Source records

== Segment start ==

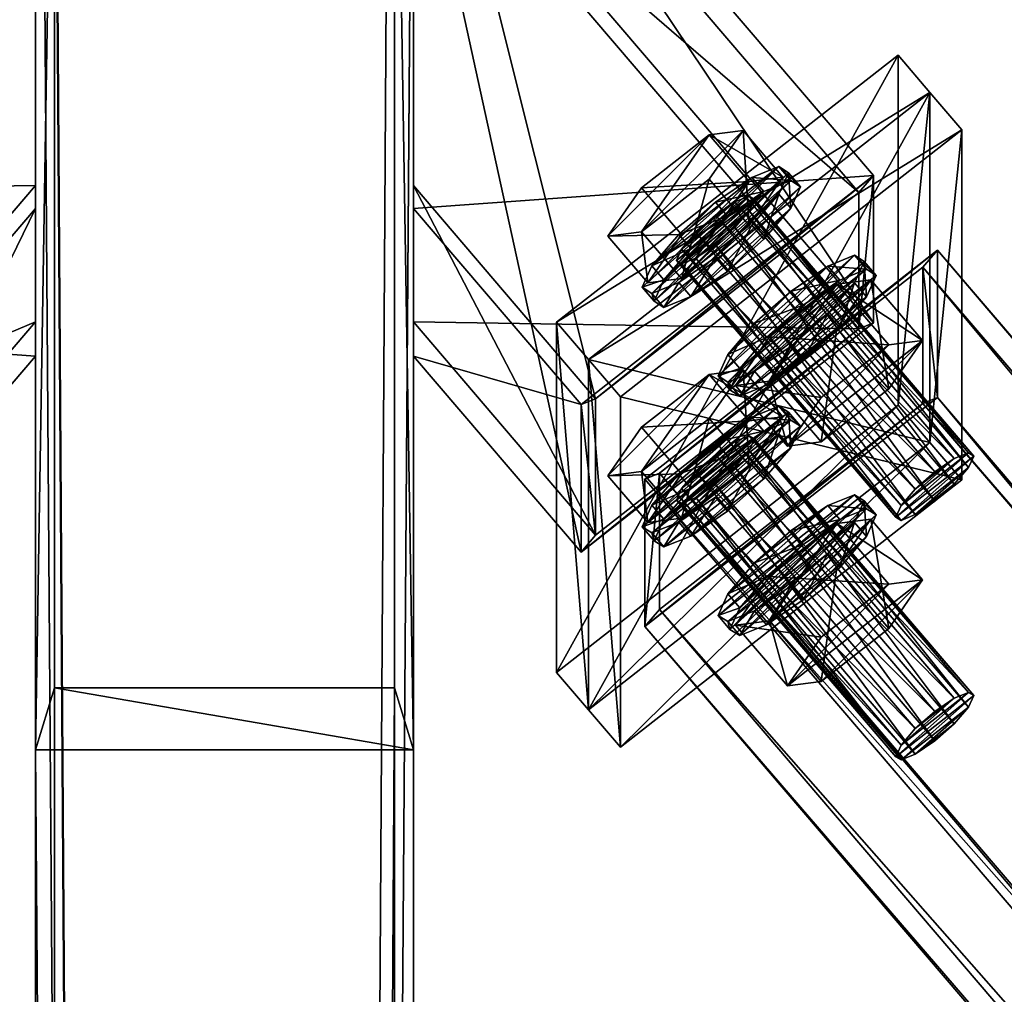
# Model space of a CAD drawing. Header units: millimetres. Extents: x 60485 to 71303, y 100 to 16900.
# Tile 580 of 656: x 63167 to 63324, y 16493 to 16648. Entities that reach past the tile are written whole.
import ezdxf

# ---------------------------------------------------------------- set-up
doc = ezdxf.new("R2010")
doc.units = ezdxf.units.MM
for name, color, linetype in [('13', 7, 'Continuous'), ('3', 7, 'Continuous'), ('6', 7, 'Continuous'), ('99', 7, 'Continuous')]:
    doc.layers.add(name, color=color, linetype=linetype)

msp = doc.modelspace()

# ---------------------------------------------------------------- meshes
at = {"layer": '13', "color": 7}
mesh = msp.add_polyface(dxfattribs=at)
corners = [(63274.81, 16613.96, 3121.99), (63281, 16618.81, 3120.5), (63277.91, 16616.7, 3122.27), (63272.55, 16611.33, 3119.73), (63283.27, 16619.73, 3117.16), (63271.72, 16609.52, 3116.1), (63284.1, 16619.21, 3113.14), (63272.55, 16609, 3112.08), (63283.27, 16617.39, 3109.51), (63274.81, 16609.91, 3108.73), (63281, 16614.76, 3107.25), (63277.91, 16612.02, 3106.97), (63267.18, 16605.97, 3117.18), (63272.55, 16606.66, 3104.43), (63266.21, 16614.06, 3102.16), (63260.85, 16613.37, 3114.92), (63283.27, 16615.05, 3101.86), (63276.94, 16622.45, 3099.6), (63282.3, 16630.15, 3109.79), (63283.27, 16622.07, 3124.81), (63272.55, 16613.67, 3127.38), (63266.21, 16621.07, 3125.12), (63276.94, 16629.47, 3122.55), (63274, 16603.8, 3104.26), (63279.81, 16607.76, 3100.95), (63277.91, 16609.98, 3100.27), (63272.1, 16606.02, 3103.59), (63283.71, 16615.11, 3100.81), (63279.81, 16616.53, 3129.64), (63274, 16611.4, 3129.11), (63272.1, 16613.62, 3128.43), (63277.91, 16618.75, 3128.96), (63269.75, 16606.47, 3124.88), (63267.85, 16608.69, 3124.2), (63268.2, 16603.06, 3118.08), (63266.3, 16605.28, 3117.4), (63289.86, 16617.82, 3105.72), (63291.42, 16621.22, 3112.52), (63269.75, 16602.08, 3110.53), (63289.86, 16622.2, 3120.07), (63285.61, 16620.48, 3126.33), (63283.71, 16622.7, 3125.65), (63287.96, 16624.42, 3119.39), (63267.85, 16604.3, 3109.85), (63289.52, 16623.45, 3111.84), (63287.96, 16620.04, 3105.04)]
mesh.append_faces([[corners[k] for k in face] for face in [(0, 1, 2, 2), (10, 9, 11, 11), (12, 14, 15, 15), (13, 17, 14, 14), (16, 18, 17, 17), (19, 21, 22, 22), (20, 15, 21, 21), (19, 12, 20, 20), (15, 22, 21, 21), (18, 14, 17, 17), (23, 25, 26, 26), (24, 27, 25, 25), (28, 30, 31, 31), (29, 33, 30, 30), (32, 35, 33, 33), (28, 32, 29, 29), (33, 31, 30, 30)]], dxfattribs={"vtx0": -1, "color": 7})
mesh.append_faces([[corners[k] for k in face] for face in [(1, 3, 4, 4), (22, 14, 18, 18), (40, 32, 28, 28), (31, 33, 41, 41)]], dxfattribs={"vtx0": -1, "vtx1": -1, "color": 7})
mesh.append_faces([[corners[k] for k in face] for face in [(1, 0, 3, 3), (4, 3, 5, 5), (6, 5, 7, 7), (8, 7, 9, 9), (19, 13, 12, 12), (22, 15, 14, 14), (36, 24, 23, 23), (37, 23, 38, 38), (39, 38, 34, 34), (40, 34, 32, 32), (42, 33, 35, 35), (42, 35, 43, 43), (44, 43, 26, 26), (45, 26, 25, 25)]], dxfattribs={"vtx0": -1, "vtx2": -1, "vtx3": -1, "color": 7})
mesh.append_faces([[corners[k] for k in face] for face in [(12, 13, 14, 14), (13, 16, 17, 17), (19, 20, 21, 21), (20, 12, 15, 15), (23, 24, 25, 25), (28, 29, 30, 30), (29, 32, 33, 33), (32, 34, 35, 35)]], dxfattribs={"vtx2": -1, "vtx3": -1, "color": 7})
mesh = msp.add_polyface(dxfattribs=at)
corners = [(63315.83, 16574.05, 3119.7), (63283.27, 16617.39, 3109.51), (63281, 16614.76, 3107.25), (63318.1, 16576.68, 3121.96), (63284.1, 16619.21, 3113.14), (63318.93, 16578.5, 3125.58), (63283.27, 16619.73, 3117.16), (63318.1, 16579.02, 3129.61), (63281, 16618.81, 3120.5), (63315.83, 16578.1, 3132.95), (63277.91, 16616.7, 3122.27), (63312.74, 16575.99, 3134.71), (63274.81, 16613.96, 3121.99), (63271.72, 16609.52, 3116.1), (63272.55, 16609, 3112.08), (63274.81, 16609.91, 3108.73), (63283.27, 16615.05, 3101.86), (63288.63, 16622.75, 3112.05), (63282.3, 16630.15, 3109.79), (63283.27, 16622.07, 3124.81), (63276.94, 16629.47, 3122.55), (63272.55, 16606.66, 3104.43), (63279.81, 16607.76, 3100.95), (63285.61, 16612.88, 3101.49), (63283.71, 16615.11, 3100.81), (63289.86, 16617.82, 3105.72), (63287.96, 16620.04, 3105.04), (63291.42, 16621.22, 3112.52), (63289.52, 16623.45, 3111.84), (63289.86, 16622.2, 3120.07), (63287.96, 16624.42, 3119.39), (63285.61, 16620.48, 3126.33), (63283.71, 16622.7, 3125.65), (63279.81, 16616.53, 3129.64), (63277.91, 16618.75, 3128.96), (63274, 16603.8, 3104.26), (63269.75, 16602.08, 3110.53), (63268.2, 16603.06, 3118.08), (63267.85, 16608.69, 3124.2), (63267.85, 16604.3, 3109.85), (63272.1, 16606.02, 3103.59), (63277.91, 16609.98, 3100.27), (63301.89, 16603.75, 3110.02), (63303.45, 16607.16, 3116.82), (63301.55, 16609.38, 3116.14), (63299.99, 16605.97, 3109.34), (63301.89, 16608.14, 3124.36), (63299.99, 16610.36, 3123.69), (63297.64, 16606.42, 3130.63), (63295.74, 16608.64, 3129.95), (63291.84, 16602.46, 3133.94), (63289.94, 16604.68, 3133.26), (63278.33, 16591.22, 3121.7), (63279.89, 16590.24, 3114.15)]
mesh.append_faces([[corners[k] for k in face] for face in [(0, 1, 2, 2), (3, 4, 1, 1), (5, 6, 4, 4), (7, 8, 6, 6), (9, 10, 8, 8), (11, 12, 10, 10), (17, 20, 18, 18), (21, 17, 16, 16), (23, 26, 24, 24), (25, 28, 26, 26), (27, 30, 28, 28), (29, 32, 30, 30), (31, 34, 32, 32), (22, 25, 23, 23), (26, 41, 24, 24), (42, 44, 45, 45), (43, 47, 44, 44), (46, 49, 47, 47), (48, 51, 49, 49)]], dxfattribs={"vtx0": -1, "color": 7})
mesh.append_faces([[corners[k] for k in face] for face in [(6, 13, 4, 4), (4, 14, 1, 1), (1, 15, 2, 2), (17, 21, 19, 19), (25, 35, 27, 27), (27, 36, 29, 29), (29, 37, 31, 31), (32, 38, 30, 30), (30, 39, 28, 28), (28, 40, 26, 26), (49, 52, 47, 47), (47, 53, 44, 44)]], dxfattribs={"vtx0": -1, "vtx1": -1, "color": 7})
mesh.append_faces([[corners[k] for k in face] for face in [(16, 17, 18, 18), (17, 19, 20, 20), (22, 23, 24, 24), (23, 25, 26, 26), (25, 27, 28, 28), (27, 29, 30, 30), (29, 31, 32, 32), (31, 33, 34, 34), (42, 43, 44, 44), (43, 46, 47, 47), (46, 48, 49, 49), (48, 50, 51, 51)]], dxfattribs={"vtx2": -1, "vtx3": -1, "color": 7})
mesh = msp.add_polyface(dxfattribs=at)
corners = [(63306.55, 16568.81, 3128.55), (63307.38, 16568.29, 3124.52), (63272.55, 16609, 3112.08), (63309.64, 16569.21, 3121.18), (63274.81, 16609.91, 3108.73), (63312.74, 16571.32, 3119.41), (63277.91, 16612.02, 3106.97), (63315.83, 16574.05, 3119.7), (63281, 16614.76, 3107.25), (63318.1, 16576.68, 3121.96), (63283.27, 16617.39, 3109.51), (63318.93, 16578.5, 3125.58), (63284.1, 16619.21, 3113.14), (63318.1, 16579.02, 3129.61), (63283.27, 16619.73, 3117.16), (63315.83, 16578.1, 3132.95), (63281, 16618.81, 3120.5), (63312.74, 16575.99, 3134.71), (63277.91, 16616.7, 3122.27), (63309.64, 16573.26, 3134.43), (63274.81, 16613.96, 3121.99), (63307.38, 16570.63, 3132.17), (63272.55, 16611.33, 3119.73), (63271.72, 16609.52, 3116.1), (63294.71, 16580.75, 3112.35), (63305.43, 16589.14, 3109.78), (63297.2, 16598.77, 3106.84), (63286.48, 16590.37, 3109.4), (63310.8, 16596.85, 3119.97), (63302.56, 16606.47, 3117.03), (63305.43, 16596.16, 3132.73), (63297.2, 16605.78, 3129.79), (63294.71, 16587.77, 3135.3), (63286.48, 16597.39, 3132.36), (63289.35, 16580.07, 3125.1), (63286.04, 16589.74, 3108.56), (63291.84, 16593.69, 3105.25), (63289.94, 16595.91, 3104.57), (63297.64, 16598.82, 3105.79), (63295.74, 16601.04, 3105.11), (63301.89, 16603.75, 3110.02), (63299.99, 16605.97, 3109.34), (63281.79, 16588.02, 3114.83), (63303.45, 16607.16, 3116.82), (63280.23, 16588.99, 3122.37), (63301.89, 16608.14, 3124.36), (63281.79, 16592.4, 3129.17), (63297.64, 16606.42, 3130.63), (63286.04, 16597.33, 3133.41), (63291.84, 16602.46, 3133.94), (63289.94, 16604.68, 3133.26), (63279.89, 16594.62, 3128.5), (63295.74, 16608.64, 3129.95), (63301.55, 16609.38, 3116.14), (63284.14, 16591.96, 3107.88), (63291.42, 16583.22, 2988.2), (63289.86, 16584.19, 2995.75), (63287.96, 16586.41, 2995.07), (63289.52, 16585.44, 2987.52)]
mesh.append_faces([[corners[k] for k in face] for face in [(24, 26, 27, 27), (25, 29, 26, 26), (28, 31, 29, 29), (30, 33, 31, 31), (24, 28, 25, 25), (30, 34, 32, 32), (29, 27, 26, 26), (36, 39, 37, 37), (38, 41, 39, 39), (35, 38, 36, 36), (47, 48, 49, 49), (41, 37, 39, 39), (55, 57, 58, 58)]], dxfattribs={"vtx0": -1, "color": 7})
mesh.append_faces([[corners[k] for k in face] for face in [(28, 34, 30, 30), (31, 27, 29, 29), (38, 35, 40, 40), (40, 42, 43, 43), (43, 44, 45, 45), (45, 46, 47, 47), (50, 51, 52, 52), (53, 54, 41, 41)]], dxfattribs={"vtx0": -1, "vtx1": -1, "color": 7})
mesh.append_faces([[corners[k] for k in face] for face in [(28, 24, 34, 34), (41, 54, 37, 37)]], dxfattribs={"vtx0": -1, "vtx2": -1, "vtx3": -1, "color": 7})
mesh.append_faces([[corners[k] for k in face] for face in [(0, 1, 2, 2), (1, 3, 4, 4), (3, 5, 6, 6), (5, 7, 8, 8), (7, 9, 10, 10), (9, 11, 12, 12), (11, 13, 14, 14), (13, 15, 16, 16), (15, 17, 18, 18), (17, 19, 20, 20), (19, 21, 22, 22), (21, 0, 23, 23), (24, 25, 26, 26), (25, 28, 29, 29), (28, 30, 31, 31), (30, 32, 33, 33), (35, 36, 37, 37), (36, 38, 39, 39), (38, 40, 41, 41), (55, 56, 57, 57)]], dxfattribs={"vtx2": -1, "vtx3": -1, "color": 7})
mesh = msp.add_polyface(dxfattribs=at)
corners = [(63306.55, 16568.81, 3128.55), (63272.55, 16609, 3112.08), (63271.72, 16609.52, 3116.1), (63307.38, 16568.29, 3124.52), (63274.81, 16609.91, 3108.73), (63309.64, 16569.21, 3121.18), (63277.91, 16612.02, 3106.97), (63312.74, 16571.32, 3119.41), (63281, 16614.76, 3107.25), (63309.64, 16573.26, 3134.43), (63272.55, 16611.33, 3119.73), (63274.81, 16613.96, 3121.99), (63307.38, 16570.63, 3132.17), (63289.35, 16580.07, 3125.1), (63294.71, 16580.75, 3112.35), (63286.48, 16590.37, 3109.4), (63281.12, 16589.69, 3122.16), (63294.71, 16587.77, 3135.3), (63286.48, 16597.39, 3132.36), (63297.2, 16605.78, 3129.79), (63268.2, 16603.06, 3118.08), (63269.75, 16602.08, 3110.53), (63267.85, 16604.3, 3109.85), (63266.3, 16605.28, 3117.4), (63274, 16603.8, 3104.26), (63272.1, 16606.02, 3103.59), (63280.23, 16588.99, 3122.37), (63281.79, 16588.02, 3114.83), (63279.89, 16590.24, 3114.15), (63278.33, 16591.22, 3121.7), (63286.04, 16589.74, 3108.56), (63284.14, 16591.96, 3107.88), (63289.94, 16595.91, 3104.57), (63291.84, 16602.46, 3133.94), (63286.04, 16597.33, 3133.41), (63284.14, 16599.56, 3132.73), (63289.94, 16604.68, 3133.26), (63281.79, 16592.4, 3129.17), (63279.89, 16594.62, 3128.5), (63301.89, 16603.75, 3110.02), (63303.45, 16607.16, 3116.82), (63301.89, 16608.14, 3124.36), (63297.64, 16606.42, 3130.63), (63295.74, 16608.64, 3129.95), (63299.99, 16610.36, 3123.69), (63301.55, 16609.38, 3116.14), (63283.27, 16577.04, 2977.54), (63288.63, 16584.74, 2987.73), (63282.3, 16592.15, 2985.47), (63276.94, 16584.44, 2975.28), (63283.27, 16584.06, 3000.49), (63276.94, 16591.46, 2998.23), (63266.21, 16583.07, 3000.8), (63266.21, 16576.05, 2977.84), (63289.86, 16584.19, 2995.75), (63283.71, 16584.69, 3001.33), (63287.96, 16586.41, 2995.07)]
mesh.append_faces([[corners[k] for k in face] for face in [(0, 1, 2, 2), (3, 4, 1, 1), (5, 6, 4, 4), (7, 8, 6, 6), (9, 10, 11, 11), (12, 2, 10, 10), (13, 15, 16, 16), (17, 16, 18, 18), (16, 19, 18, 18), (20, 22, 23, 23), (21, 25, 22, 22), (26, 28, 29, 29), (27, 31, 28, 28), (30, 32, 31, 31), (33, 35, 36, 36), (34, 38, 35, 35), (37, 29, 38, 38), (38, 36, 35, 35), (46, 48, 49, 49), (47, 51, 48, 48), (50, 52, 51, 51), (48, 53, 49, 49), (54, 55, 56, 56)]], dxfattribs={"vtx0": -1, "color": 7})
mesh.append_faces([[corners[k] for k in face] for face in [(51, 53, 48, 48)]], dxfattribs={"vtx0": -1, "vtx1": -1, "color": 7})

== Segment end ==

Task requirements:
State the number of lines in the records that include the string "units", without any other words.

Task response:
2